È un mondo ironico e fiabesco quello di Andrea Pfister, costellato da forme stravaganti e
colori accesi, fino a diventare un omaggio alle donne, costruito con piume,
strass e paillettes. Le sue opere non sono calzature tout court, bensì
svelano l’attitudine al divertissement
più autentico, combinato sapientemente con un senso del gusto che lo
stilista ha costruito studiando dapprima storia dell’arte a Firenze e poi
completando la formazione a Milano all’istituto di design per scarpe Ars
Sutoria. A corollario, la costante
ispirazione a maestri come Salvatore Ferragamo, Roger Vivier e André Perugia.
Originario
di Pesaro, anche se di madre polacca e padre svizzero, la sua estrazione è
internazionale. Pfister, infatti, è stato apprezzato molto di più all’estero
che in Italia, dove nel 1968 aprirà una
fabbrica-atelier a Vigevano, culla dei migliori artigiani calzaturieri.
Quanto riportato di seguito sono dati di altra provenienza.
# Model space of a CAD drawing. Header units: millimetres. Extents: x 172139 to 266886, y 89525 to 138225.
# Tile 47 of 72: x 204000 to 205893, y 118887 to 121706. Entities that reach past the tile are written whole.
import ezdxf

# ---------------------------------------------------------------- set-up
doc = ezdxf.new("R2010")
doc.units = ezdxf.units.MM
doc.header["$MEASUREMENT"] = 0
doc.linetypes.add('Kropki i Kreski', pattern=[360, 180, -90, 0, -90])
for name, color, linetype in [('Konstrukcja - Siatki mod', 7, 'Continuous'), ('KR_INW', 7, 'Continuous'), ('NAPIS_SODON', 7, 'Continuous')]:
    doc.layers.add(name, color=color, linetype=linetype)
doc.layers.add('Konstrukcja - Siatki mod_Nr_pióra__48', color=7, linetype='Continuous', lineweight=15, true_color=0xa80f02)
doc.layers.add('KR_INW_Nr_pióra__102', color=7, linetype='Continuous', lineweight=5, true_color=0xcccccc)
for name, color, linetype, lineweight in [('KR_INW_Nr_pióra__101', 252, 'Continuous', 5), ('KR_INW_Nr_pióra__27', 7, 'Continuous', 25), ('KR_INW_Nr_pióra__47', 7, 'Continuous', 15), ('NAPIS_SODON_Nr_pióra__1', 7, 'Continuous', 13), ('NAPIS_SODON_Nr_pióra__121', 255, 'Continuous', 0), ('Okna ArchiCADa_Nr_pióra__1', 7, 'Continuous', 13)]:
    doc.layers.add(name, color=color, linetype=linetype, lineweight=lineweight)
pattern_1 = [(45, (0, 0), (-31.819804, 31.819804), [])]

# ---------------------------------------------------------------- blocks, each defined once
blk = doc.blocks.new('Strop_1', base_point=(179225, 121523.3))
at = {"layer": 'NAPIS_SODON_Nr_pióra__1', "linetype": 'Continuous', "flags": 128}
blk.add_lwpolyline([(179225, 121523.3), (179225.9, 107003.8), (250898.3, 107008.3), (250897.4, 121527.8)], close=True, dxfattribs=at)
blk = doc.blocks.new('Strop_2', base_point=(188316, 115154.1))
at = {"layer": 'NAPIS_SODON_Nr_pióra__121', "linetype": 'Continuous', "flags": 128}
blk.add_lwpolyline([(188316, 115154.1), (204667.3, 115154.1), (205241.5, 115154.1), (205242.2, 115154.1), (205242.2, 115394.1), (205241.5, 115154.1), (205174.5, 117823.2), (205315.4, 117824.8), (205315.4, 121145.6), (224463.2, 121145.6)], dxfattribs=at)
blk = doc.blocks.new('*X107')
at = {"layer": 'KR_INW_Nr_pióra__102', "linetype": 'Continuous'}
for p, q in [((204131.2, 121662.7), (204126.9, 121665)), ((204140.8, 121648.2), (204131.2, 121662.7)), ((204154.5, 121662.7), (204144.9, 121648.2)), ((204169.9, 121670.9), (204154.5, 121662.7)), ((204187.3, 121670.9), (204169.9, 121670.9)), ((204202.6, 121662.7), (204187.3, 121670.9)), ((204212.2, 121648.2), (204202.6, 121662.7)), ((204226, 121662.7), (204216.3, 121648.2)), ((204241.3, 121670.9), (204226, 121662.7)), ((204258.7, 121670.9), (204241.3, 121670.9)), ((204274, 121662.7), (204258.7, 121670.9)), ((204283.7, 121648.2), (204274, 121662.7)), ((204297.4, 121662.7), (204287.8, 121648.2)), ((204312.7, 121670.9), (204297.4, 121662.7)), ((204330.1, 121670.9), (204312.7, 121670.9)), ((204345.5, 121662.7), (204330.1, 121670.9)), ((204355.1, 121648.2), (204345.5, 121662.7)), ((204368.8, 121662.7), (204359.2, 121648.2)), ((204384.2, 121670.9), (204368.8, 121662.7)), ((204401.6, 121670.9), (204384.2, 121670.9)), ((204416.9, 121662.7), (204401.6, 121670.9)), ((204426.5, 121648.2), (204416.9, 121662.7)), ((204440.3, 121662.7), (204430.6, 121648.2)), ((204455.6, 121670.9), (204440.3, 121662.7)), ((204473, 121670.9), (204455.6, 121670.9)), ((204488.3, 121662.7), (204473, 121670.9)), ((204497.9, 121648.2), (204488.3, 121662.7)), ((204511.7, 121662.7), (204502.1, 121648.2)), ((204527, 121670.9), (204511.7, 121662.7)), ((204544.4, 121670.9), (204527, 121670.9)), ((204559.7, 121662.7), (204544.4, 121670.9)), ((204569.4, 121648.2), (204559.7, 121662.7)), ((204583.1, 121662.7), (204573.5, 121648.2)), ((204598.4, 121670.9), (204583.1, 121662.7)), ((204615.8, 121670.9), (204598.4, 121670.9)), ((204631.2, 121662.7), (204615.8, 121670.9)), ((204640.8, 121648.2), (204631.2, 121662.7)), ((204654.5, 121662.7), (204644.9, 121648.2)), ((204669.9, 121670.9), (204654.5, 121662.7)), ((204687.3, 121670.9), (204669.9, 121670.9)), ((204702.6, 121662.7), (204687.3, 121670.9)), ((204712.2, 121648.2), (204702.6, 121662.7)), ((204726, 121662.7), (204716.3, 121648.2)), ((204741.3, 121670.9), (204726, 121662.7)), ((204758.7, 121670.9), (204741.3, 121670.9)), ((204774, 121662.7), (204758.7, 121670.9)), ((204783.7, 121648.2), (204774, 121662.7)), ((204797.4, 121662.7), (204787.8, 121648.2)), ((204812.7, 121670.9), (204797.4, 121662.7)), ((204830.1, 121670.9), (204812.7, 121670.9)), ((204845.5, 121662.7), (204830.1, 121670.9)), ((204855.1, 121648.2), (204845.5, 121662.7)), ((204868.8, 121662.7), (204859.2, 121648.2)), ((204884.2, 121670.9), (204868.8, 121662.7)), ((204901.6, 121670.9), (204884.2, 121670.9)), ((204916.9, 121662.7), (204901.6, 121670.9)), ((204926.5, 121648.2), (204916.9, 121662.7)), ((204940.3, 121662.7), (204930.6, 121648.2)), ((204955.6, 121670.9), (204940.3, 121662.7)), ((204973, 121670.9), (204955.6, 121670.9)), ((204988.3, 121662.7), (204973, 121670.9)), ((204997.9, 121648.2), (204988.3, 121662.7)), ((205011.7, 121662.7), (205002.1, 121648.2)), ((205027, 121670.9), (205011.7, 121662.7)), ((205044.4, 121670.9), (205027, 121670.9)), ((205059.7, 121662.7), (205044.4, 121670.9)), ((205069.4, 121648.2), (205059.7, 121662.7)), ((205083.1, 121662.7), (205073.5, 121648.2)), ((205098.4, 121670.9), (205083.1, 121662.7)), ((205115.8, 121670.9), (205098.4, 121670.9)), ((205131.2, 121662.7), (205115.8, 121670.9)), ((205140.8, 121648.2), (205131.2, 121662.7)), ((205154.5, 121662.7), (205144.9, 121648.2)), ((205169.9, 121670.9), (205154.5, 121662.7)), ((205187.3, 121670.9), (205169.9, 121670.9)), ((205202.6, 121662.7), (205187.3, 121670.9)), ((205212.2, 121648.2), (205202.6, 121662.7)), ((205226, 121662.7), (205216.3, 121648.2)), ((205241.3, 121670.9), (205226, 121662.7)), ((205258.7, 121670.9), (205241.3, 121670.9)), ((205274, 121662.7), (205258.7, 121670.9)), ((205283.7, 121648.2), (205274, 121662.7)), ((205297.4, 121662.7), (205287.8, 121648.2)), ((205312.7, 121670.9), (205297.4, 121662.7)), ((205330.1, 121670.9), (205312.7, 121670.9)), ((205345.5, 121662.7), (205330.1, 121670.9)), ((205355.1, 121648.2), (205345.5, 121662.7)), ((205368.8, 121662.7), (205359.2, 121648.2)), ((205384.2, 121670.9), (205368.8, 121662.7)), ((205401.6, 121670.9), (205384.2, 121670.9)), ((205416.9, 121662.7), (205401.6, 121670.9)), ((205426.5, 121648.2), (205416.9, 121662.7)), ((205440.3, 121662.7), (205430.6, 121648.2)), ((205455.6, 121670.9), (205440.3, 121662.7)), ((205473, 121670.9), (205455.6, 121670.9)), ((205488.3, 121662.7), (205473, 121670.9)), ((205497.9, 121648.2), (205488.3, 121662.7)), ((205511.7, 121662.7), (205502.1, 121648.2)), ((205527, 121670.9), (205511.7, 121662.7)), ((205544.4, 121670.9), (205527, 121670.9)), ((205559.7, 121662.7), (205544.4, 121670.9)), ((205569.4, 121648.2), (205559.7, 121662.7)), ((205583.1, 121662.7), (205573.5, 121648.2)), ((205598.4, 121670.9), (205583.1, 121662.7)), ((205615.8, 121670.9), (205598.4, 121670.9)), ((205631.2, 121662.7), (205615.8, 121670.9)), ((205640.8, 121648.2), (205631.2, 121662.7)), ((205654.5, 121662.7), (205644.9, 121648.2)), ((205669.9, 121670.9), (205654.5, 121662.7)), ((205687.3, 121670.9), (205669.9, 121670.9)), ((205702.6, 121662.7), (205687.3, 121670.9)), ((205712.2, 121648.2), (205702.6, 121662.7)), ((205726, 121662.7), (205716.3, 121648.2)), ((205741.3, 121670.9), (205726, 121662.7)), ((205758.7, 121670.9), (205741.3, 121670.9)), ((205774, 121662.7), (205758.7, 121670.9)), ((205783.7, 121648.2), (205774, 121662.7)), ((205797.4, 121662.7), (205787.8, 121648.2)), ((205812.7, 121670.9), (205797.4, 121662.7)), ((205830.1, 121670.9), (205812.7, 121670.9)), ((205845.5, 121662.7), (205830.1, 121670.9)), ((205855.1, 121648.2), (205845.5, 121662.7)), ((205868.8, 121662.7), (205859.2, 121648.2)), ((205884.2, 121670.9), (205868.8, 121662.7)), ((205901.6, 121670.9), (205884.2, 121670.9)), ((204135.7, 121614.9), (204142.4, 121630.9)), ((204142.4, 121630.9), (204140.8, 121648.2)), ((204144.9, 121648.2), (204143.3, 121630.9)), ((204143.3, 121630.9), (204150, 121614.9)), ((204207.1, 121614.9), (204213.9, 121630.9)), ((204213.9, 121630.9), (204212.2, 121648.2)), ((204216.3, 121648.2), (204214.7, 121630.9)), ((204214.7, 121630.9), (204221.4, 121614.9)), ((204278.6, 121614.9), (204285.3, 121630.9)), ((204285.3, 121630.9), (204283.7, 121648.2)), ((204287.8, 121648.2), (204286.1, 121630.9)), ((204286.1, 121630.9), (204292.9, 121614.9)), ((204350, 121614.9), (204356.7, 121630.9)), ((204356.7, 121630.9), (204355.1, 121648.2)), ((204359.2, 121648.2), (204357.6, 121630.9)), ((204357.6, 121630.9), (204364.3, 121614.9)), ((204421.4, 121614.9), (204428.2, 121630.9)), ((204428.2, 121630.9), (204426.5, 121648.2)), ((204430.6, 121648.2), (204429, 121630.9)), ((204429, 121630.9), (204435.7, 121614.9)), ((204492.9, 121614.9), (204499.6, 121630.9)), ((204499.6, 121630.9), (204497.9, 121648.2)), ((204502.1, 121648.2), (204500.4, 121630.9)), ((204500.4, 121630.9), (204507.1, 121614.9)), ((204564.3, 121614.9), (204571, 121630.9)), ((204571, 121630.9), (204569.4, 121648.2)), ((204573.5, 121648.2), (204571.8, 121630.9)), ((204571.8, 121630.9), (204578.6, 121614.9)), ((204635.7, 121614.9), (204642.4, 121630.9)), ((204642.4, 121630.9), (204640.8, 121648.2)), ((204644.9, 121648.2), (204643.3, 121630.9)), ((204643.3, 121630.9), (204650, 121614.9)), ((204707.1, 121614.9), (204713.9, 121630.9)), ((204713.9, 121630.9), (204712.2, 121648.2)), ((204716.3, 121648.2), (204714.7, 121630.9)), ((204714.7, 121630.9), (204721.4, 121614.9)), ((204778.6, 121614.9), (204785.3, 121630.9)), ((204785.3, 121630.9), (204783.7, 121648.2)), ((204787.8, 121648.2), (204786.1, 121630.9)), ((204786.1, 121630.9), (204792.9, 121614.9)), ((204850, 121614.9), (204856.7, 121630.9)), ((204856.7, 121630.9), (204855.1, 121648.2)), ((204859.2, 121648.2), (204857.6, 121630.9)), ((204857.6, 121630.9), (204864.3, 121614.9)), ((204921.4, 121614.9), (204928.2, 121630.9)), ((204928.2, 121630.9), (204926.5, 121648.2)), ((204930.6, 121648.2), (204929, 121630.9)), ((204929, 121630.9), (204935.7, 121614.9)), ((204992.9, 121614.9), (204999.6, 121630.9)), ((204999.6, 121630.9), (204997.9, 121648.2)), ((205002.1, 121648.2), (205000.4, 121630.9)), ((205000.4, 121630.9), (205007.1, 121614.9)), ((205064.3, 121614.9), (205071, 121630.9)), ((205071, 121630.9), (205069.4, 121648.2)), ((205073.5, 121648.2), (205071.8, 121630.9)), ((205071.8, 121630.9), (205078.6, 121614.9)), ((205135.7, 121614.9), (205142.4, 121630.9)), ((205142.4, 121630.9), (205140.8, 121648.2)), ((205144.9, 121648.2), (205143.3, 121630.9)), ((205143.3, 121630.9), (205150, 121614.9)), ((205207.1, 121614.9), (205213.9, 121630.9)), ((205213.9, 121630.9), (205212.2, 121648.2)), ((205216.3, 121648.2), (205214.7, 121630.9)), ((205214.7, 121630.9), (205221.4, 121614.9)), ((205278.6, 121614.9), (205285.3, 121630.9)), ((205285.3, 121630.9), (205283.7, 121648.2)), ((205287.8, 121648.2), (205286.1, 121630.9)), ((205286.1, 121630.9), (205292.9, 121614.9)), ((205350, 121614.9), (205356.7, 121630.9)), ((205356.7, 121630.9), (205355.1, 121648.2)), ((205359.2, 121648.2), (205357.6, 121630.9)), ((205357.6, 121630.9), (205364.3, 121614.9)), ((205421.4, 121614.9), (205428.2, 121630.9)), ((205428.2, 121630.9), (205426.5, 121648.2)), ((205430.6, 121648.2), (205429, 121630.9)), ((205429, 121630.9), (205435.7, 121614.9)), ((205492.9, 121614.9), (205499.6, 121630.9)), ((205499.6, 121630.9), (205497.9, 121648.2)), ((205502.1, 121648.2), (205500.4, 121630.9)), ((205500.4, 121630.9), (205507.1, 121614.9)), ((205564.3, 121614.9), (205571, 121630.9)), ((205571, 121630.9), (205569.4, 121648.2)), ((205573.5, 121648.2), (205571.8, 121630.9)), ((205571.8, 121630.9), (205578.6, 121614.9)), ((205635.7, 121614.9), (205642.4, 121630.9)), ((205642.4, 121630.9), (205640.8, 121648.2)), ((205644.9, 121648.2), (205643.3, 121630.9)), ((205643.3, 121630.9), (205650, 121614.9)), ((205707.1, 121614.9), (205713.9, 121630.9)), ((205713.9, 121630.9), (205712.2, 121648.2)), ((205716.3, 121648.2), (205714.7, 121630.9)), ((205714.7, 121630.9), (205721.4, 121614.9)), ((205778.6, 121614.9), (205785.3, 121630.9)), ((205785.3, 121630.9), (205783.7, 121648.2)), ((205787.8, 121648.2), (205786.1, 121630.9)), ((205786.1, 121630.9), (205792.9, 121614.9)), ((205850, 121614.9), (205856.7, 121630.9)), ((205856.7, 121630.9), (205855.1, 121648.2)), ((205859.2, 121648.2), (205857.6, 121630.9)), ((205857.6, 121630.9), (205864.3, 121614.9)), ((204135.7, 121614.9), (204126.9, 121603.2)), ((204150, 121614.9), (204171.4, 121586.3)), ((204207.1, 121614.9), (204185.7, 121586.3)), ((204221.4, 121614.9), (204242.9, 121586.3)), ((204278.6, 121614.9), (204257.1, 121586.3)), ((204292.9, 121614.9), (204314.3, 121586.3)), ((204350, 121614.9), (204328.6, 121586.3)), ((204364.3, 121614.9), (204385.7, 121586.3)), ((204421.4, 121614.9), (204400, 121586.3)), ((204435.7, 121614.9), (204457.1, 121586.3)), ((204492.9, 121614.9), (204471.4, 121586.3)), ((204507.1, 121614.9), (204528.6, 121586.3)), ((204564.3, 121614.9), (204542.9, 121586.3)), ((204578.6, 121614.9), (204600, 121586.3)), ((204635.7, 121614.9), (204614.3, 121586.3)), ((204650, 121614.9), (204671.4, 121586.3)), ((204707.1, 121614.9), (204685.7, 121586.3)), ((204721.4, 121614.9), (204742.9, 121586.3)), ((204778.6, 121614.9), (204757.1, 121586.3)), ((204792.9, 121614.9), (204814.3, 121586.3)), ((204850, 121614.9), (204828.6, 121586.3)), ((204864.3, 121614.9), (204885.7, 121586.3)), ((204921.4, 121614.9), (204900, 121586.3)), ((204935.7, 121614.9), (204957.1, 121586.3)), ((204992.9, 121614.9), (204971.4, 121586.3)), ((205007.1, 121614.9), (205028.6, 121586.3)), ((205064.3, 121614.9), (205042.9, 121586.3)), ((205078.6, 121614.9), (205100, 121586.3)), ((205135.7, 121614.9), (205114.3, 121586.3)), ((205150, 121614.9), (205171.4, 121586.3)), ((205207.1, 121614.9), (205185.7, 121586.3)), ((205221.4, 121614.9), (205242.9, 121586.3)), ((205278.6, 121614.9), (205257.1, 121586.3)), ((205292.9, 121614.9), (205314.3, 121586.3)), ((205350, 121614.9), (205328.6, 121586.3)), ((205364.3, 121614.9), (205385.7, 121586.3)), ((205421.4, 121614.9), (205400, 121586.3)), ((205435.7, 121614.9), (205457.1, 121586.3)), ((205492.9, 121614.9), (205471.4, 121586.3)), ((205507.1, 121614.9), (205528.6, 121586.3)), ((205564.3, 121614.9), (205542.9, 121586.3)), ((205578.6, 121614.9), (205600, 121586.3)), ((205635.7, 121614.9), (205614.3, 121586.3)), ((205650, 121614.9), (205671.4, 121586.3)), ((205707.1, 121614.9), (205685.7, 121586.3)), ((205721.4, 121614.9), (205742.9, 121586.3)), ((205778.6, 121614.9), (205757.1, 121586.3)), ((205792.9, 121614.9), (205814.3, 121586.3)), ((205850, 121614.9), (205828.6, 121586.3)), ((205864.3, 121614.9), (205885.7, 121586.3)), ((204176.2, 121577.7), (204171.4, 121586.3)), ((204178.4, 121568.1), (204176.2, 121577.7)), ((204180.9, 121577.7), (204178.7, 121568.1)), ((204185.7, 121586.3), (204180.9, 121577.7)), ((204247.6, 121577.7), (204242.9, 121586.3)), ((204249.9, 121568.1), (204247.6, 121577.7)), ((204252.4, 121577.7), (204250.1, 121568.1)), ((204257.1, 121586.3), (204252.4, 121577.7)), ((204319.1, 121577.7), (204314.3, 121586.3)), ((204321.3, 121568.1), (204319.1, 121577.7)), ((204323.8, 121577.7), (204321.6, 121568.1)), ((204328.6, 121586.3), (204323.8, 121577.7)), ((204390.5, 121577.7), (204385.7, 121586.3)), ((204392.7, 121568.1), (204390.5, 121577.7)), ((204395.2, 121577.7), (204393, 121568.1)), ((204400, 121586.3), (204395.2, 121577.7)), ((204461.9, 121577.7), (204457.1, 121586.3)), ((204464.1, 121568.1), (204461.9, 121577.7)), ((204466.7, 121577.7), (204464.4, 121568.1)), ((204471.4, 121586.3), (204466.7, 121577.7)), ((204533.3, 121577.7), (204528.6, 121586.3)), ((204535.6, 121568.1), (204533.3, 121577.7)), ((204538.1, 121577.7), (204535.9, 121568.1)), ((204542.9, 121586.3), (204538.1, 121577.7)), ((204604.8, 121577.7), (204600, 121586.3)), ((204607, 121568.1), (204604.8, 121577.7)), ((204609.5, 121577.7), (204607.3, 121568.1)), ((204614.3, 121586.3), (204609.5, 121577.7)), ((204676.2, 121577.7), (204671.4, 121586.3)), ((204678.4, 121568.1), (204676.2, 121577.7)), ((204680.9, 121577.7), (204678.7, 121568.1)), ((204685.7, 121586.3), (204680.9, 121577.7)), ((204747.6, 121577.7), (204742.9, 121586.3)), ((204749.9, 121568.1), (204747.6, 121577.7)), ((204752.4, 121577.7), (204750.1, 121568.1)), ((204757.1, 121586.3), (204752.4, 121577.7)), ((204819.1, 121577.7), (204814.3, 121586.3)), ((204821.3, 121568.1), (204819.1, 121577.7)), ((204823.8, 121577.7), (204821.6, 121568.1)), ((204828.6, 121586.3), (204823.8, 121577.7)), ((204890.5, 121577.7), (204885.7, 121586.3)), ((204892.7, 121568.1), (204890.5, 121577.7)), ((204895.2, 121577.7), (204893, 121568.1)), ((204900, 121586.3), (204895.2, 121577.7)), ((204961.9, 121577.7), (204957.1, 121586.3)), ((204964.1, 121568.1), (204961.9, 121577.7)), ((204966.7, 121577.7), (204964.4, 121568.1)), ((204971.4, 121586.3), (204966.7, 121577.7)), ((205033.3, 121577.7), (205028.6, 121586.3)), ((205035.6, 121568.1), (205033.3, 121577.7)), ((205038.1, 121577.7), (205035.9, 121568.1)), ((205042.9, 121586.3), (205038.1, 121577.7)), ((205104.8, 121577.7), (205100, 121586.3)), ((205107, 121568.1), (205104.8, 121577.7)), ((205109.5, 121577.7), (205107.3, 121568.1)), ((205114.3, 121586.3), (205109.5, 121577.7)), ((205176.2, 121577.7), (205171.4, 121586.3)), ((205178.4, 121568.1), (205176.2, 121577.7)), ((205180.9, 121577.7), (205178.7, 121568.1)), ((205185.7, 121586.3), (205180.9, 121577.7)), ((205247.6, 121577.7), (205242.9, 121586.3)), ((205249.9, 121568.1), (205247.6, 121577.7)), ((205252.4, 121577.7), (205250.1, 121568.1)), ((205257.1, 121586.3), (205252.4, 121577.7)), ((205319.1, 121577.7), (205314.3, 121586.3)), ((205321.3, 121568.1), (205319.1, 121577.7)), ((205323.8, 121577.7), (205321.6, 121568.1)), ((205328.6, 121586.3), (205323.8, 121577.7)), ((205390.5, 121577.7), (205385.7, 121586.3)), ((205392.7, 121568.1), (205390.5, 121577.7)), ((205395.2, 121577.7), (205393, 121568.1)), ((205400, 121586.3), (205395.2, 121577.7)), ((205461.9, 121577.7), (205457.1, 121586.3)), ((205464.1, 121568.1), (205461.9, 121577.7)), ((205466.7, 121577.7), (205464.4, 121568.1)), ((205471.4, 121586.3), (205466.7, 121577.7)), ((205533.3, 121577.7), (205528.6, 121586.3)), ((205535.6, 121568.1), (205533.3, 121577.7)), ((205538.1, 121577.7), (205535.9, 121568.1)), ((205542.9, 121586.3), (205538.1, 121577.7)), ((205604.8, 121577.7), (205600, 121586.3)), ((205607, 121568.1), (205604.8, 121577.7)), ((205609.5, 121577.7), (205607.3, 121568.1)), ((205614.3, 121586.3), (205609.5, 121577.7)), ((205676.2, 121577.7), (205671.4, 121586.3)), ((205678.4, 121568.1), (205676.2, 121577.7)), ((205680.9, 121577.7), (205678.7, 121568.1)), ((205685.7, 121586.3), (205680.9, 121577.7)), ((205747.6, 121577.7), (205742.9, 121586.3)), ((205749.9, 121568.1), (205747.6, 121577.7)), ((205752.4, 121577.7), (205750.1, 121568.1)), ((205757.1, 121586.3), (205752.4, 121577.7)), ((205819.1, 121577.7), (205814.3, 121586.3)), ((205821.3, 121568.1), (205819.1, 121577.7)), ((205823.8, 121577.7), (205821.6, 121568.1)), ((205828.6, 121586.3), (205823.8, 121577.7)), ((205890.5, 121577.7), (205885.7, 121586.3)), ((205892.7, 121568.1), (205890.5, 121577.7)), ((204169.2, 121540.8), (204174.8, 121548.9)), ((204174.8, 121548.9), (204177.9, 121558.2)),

Il 1963 segna per lui la svolta, complice
il premio aggiudicatosi al Concorso Internazionale per Designer di Calzatura di
Amsterdam. Da qui iniziano le collaborazioni con grandi nomi della moda come
Jean Patou e Lanvin, per i quali, in occasione delle collezioni haute
couture, realizza alcuni modelli. Da lì alla fondazione di un marchio tutto
suo, il passo è breve: nel 1965 esce la
prima collezione firmata Pfister, caratterizzata dall’iconico colore rosso e
seguita, nel 1967, dall’apertura della prima boutique monomarca nella
celeberrima rue Cambon a Parigi. Nello
stesso anno incontra anche Jean-Pierre Dupré, che diventa suo socio in affari.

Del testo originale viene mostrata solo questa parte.